Design and Aspect Weaving

So really modeling is the activity of separating concerns in the problem domain, an activity also called analysis. If solutions to these concerns can be described as aspects, the design process can then be characterized as a weaving of these aspects into a detailed design model (also called the solution space). This is not new: this is actually what designers have been effectively doing forever. Most often however, the various aspects are not explicit, or when there are, it is in the form of informal descriptions. So the task of the designer is to do the weaving in her head more or less at once, and then produce the resulting detailled design as a big tangled program (even if one decomposition paradigm, such as functional or object-oriented, is used). While it works pretty well for small problems, it can become a major headache for bigger ones.

Note that the real challenge here is not on how to design the system to take a particular aspect into account: there is a huge design know-how in industry for that, often captured in the form of Design Patterns (see above). Taking into account more than one aspect as the same time is a little bit more tricky, but many large scale successful projects in industry are there to show us that engineers do ultimately manage to sort it out.
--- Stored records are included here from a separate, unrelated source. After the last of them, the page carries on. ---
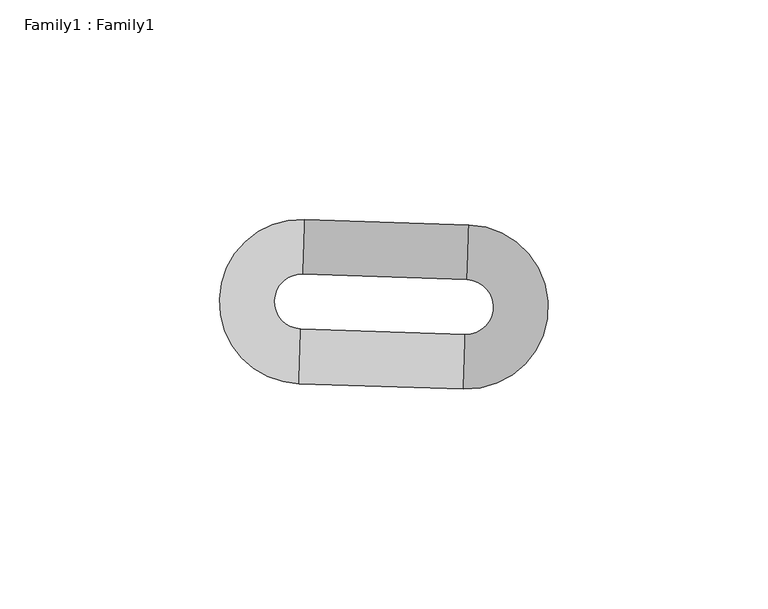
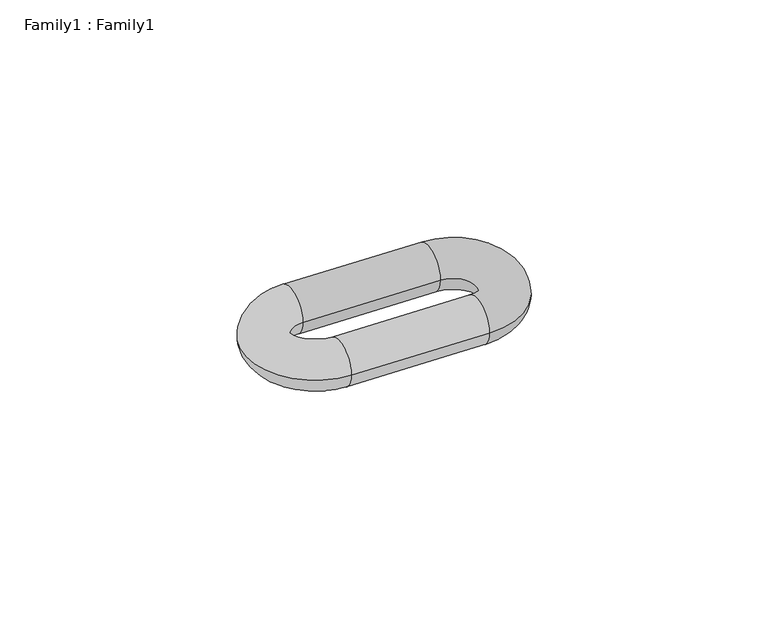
"""IFC4 building model written with IfcOpenShell, lengths in millimetres: proxy geometry, Family1 : Family1."""

from ifc_helpers import new_model, si_unit, point, frame, origin, place, context, project, spatial, circle_curve, ellipse_curve, trimmed, source, transform, mapped, element, save
from ifc_brep_helpers import cylinder_surface, revolved_surface, advanced_brep


def family1_family1_d3af85bb(model_context):
    return source(origin(), model_context, "Body", "AdvancedBrep", [
        advanced_brep(
        [(1383.7469042, 2173.5218865, 0.0), (1384.9895776, 2210.9806616, 0.0), (1384.5753531, 2198.4944032, 0.0), (1384.1611287, 2186.0081449, 0.0), (1346.6748779, 2187.2517298, 0.0), (1346.2606534, 2174.7654714, 0.0), (1347.5033268, 2212.2242464, 0.0), (1347.0891023, 2199.7379881, 0.0)],
        [
            (0, 1, circle_curve(frame((1384.3682409, 2192.251274, 0.0), z_axis=(0.0, 0.0, 1.0), x_axis=(0.03315618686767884, 0.9994501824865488, 0.0)), 18.7396909)),
            (1, 2, circle_curve(frame((1384.7824654, 2204.7375324, 0.0), z_axis=(0.9994501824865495, -0.03315618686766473, 0.0), x_axis=(0.03315618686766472, 0.9994501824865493, 0.0)), 6.2465636)),
            (2, 3, circle_curve(frame((1384.3682409, 2192.251274, 0.0), z_axis=(0.0, 0.0, -1.0), x_axis=(0.03315618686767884, 0.9994501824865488, 0.0)), 6.2465636)),
            (3, 0, circle_curve(frame((1383.9540164, 2179.7650157, 0.0), z_axis=(0.9994501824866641, -0.033156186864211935, 0.0), x_axis=(-0.03315618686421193, -0.9994501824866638, 0.0)), 6.2465636)),
            (2, 1, circle_curve(frame((1384.7824654, 2204.7375324, 0.0), z_axis=(0.9994501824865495, -0.03315618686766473, 0.0), x_axis=(0.03315618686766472, 0.9994501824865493, 0.0)), 6.2465636)),
            (0, 3, circle_curve(frame((1383.9540164, 2179.7650157, 0.0), z_axis=(0.999450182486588, -0.03315618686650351, 0.0), x_axis=(-0.033156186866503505, -0.9994501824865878, 0.0)), 6.2465636)),
            (3, 4),
            (4, 5, circle_curve(frame((1346.4677656, 2181.0086006, 0.0), z_axis=(0.9994501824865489, -0.033156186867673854, 0.0), x_axis=(-0.033156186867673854, -0.9994501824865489, 0.0)), 6.2465636)),
            (5, 0),
            (5, 4, circle_curve(frame((1346.4677656, 2181.0086006, 0.0), z_axis=(0.9994501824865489, -0.033156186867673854, 0.0), x_axis=(-0.033156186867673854, -0.9994501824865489, 0.0)), 6.2465636)),
            (6, 5, circle_curve(frame((1346.8819901, 2193.4948589, 0.0), z_axis=(0.0, 0.0, 1.0), x_axis=(-0.03315618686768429, -0.9994501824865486, 0.0)), 18.7396909)),
            (4, 7, circle_curve(frame((1346.8819901, 2193.4948589, 0.0), z_axis=(0.0, 0.0, -1.0), x_axis=(-0.03315618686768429, -0.9994501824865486, 0.0)), 6.2465636)),
            (7, 6, circle_curve(frame((1347.2962146, 2205.9811173, 0.0), z_axis=(-0.9994501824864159, 0.03315618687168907, 0.0), x_axis=(0.033156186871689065, 0.9994501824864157, 0.0)), 6.2465636)),
            (6, 7, circle_curve(frame((1347.2962146, 2205.9811173, 0.0), z_axis=(-0.999450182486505, 0.03315618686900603, 0.0), x_axis=(0.033156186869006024, 0.9994501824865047, 0.0)), 6.2465636)),
            (7, 2),
            (1, 6),
        ],
        [
            revolved_surface(trimmed(ellipse_curve(frame((1384.7824654, 2204.7375324, 0.0), z_axis=(-0.9994501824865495, 0.03315618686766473, 0.0), x_axis=(0.03315618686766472, 0.9994501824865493, 0.0)), 6.2465636, 6.2465636), [point((1384.5753531, 2198.4944032, 0.0))], [point((1384.9895776, 2210.9806616, 0.0))], True, "CARTESIAN"), (1384.3682409, 2192.251274, 0.0), (0.0, 0.0, -1.0000000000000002)),
            revolved_surface(trimmed(ellipse_curve(frame((1384.7824654, 2204.7375324, 0.0), z_axis=(-0.9994501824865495, 0.03315618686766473, 0.0), x_axis=(0.03315618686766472, 0.9994501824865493, 0.0)), 6.2465636, 6.2465636), [point((1384.9895776, 2210.9806616, 0.0))], [point((1384.5753531, 2198.4944032, 0.0))], True, "CARTESIAN"), (1384.3682409, 2192.251274, 0.0), (0.0, 0.0, -1.0000000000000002)),
            cylinder_surface(frame((1383.9540164, 2179.7650157, 0.0), z_axis=(0.9994501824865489, -0.033156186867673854, 0.0), x_axis=(-0.033156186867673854, -0.9994501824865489, 0.0)), 6.2465636),
            revolved_surface(trimmed(ellipse_curve(frame((1346.4677656, 2181.0086006, 0.0), z_axis=(0.9994501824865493, -0.033156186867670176, 0.0), x_axis=(-0.03315618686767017, -0.999450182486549, 0.0)), 6.2465636, 6.2465636), [point((1346.6748779, 2187.2517298, 0.0))], [point((1346.2606534, 2174.7654714, 0.0))], True, "CARTESIAN"), (1346.8819901, 2193.4948589, 0.0), (0.0, 0.0, -1.0000000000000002)),
            revolved_surface(trimmed(ellipse_curve(frame((1346.4677656, 2181.0086006, 0.0), z_axis=(0.9994501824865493, -0.033156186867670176, 0.0), x_axis=(-0.03315618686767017, -0.999450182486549, 0.0)), 6.2465636, 6.2465636), [point((1346.2606534, 2174.7654714, 0.0))], [point((1346.6748779, 2187.2517298, 0.0))], True, "CARTESIAN"), (1346.8819901, 2193.4948589, 0.0), (0.0, 0.0, -1.0000000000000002)),
            cylinder_surface(frame((1347.2962146, 2205.9811173, 0.0), z_axis=(-0.9994501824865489, 0.033156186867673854, 0.0), x_axis=(0.033156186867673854, 0.9994501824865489, 0.0)), 6.2465636),
        ],
        [
            (0, [[1, 2, 3, 4]]),
            (1, [[-3, 5, -1, 6]]),
            (2, [[-4, 7, 8, 9]]),
            (2, [[-6, -9, 10, -7]]),
            (3, [[11, -8, 12, 13]]),
            (4, [[-12, -10, -11, 14]]),
            (5, [[-13, 15, -2, 16]]),
            (5, [[-14, -16, -5, -15]]),
        ],
    ),
    ])


if __name__ == "__main__":
    model = new_model("IFC4")
    model_context = context("Model", 3, world=origin())
    ifc_project = project(units=[si_unit("LENGTHUNIT", "METRE", prefix="MILLI")], contexts=[model_context])
    site = spatial("IfcSite", under=ifc_project)
    building = spatial("IfcBuilding", under=site)
    placement = place(None, origin())
    family1_family1_shape = family1_family1_d3af85bb(model_context)
    element("IfcBuildingElementProxy", 1, Name="Family1 : Family1", ObjectType="Family1 : Family1", at=placement, inside=building, context=model_context, shape_type="MappedRepresentation", body=[
        mapped(family1_family1_shape, transform((0.0, 0.0, 0.0), x_axis=(1.0, 0.0, 0.0), y_axis=(0.0, 1.0, 0.0), z_axis=(0.0, 0.0, 1.0))),
    ])
    save(model, "model.ifc")

The real challenge in a product-line context is that the engineer wants to be able to change her mind on which version of which variant of any particular aspect she wants in the system. And she wants to do it cheaply, quickly and safely. For that, redoing by hand the tedious weaving of every aspect is not an option.

Model Driven Engineering

Usually in science, a model has a different nature that the thing it models ("do not take the map for the reality" as Sun Tse put it many centuries ago). Only in software and in linguistics a model has the same nature as the thing it models. In software at least, this opens the possibility to automatically derive software from its model. This property is well known from any compiler writer (and others), but it was recently made quite popular with an OMG initiative called the Model Driven Architecture (MDA). This requires that models are no longer informal, and that the weaving process is itself described as a program (which is as a matter of facts an executable meta-model) manipulating these models to produce a detailled design that can ultimately be transformed to code or at least test suites.

The OMG has built a meta-data management framework to support the MDA. It is mainly based on a unique M3 “meta-meta-model” called the Meta-Object Facility (MOF) and a library of M2 meta-models, such as the UML (or SPEM for software process engineering), in which the user can base his M1 model.

The MDA core idea is that it should be possible to capitalize on platform-independent models (PIM), and more or less automatically derive platform-specific models (PSM) –and ultimately code– from PIM through model transformations. But in some business areas involving fault-tolerant, distributed real-time computations, there is a growing concern that the added value of a company not only lies in its know-how of the business domain (the PIM) but also in the design know-how needed to make these systems work in the field (the transformation to go from PIM to PSM). Reasons making it complex to go from a simple and stable business model to a complex implementation include:

  • Various modeling languages used beyond UML,

  • As many points of views as stakeholders,

  • Deliver software for (many) variants of a platform,

  • Heterogeneity is the rule,

  • Reuse technical solutions across large product lines (e.g. fault tolerance, security, etc.),

  • Customize generic transformations,

  • Compose reusable transformations,

  • Evolve and maintain transformations for 15+ years.

This wider context is now known as Model Driven Engineering.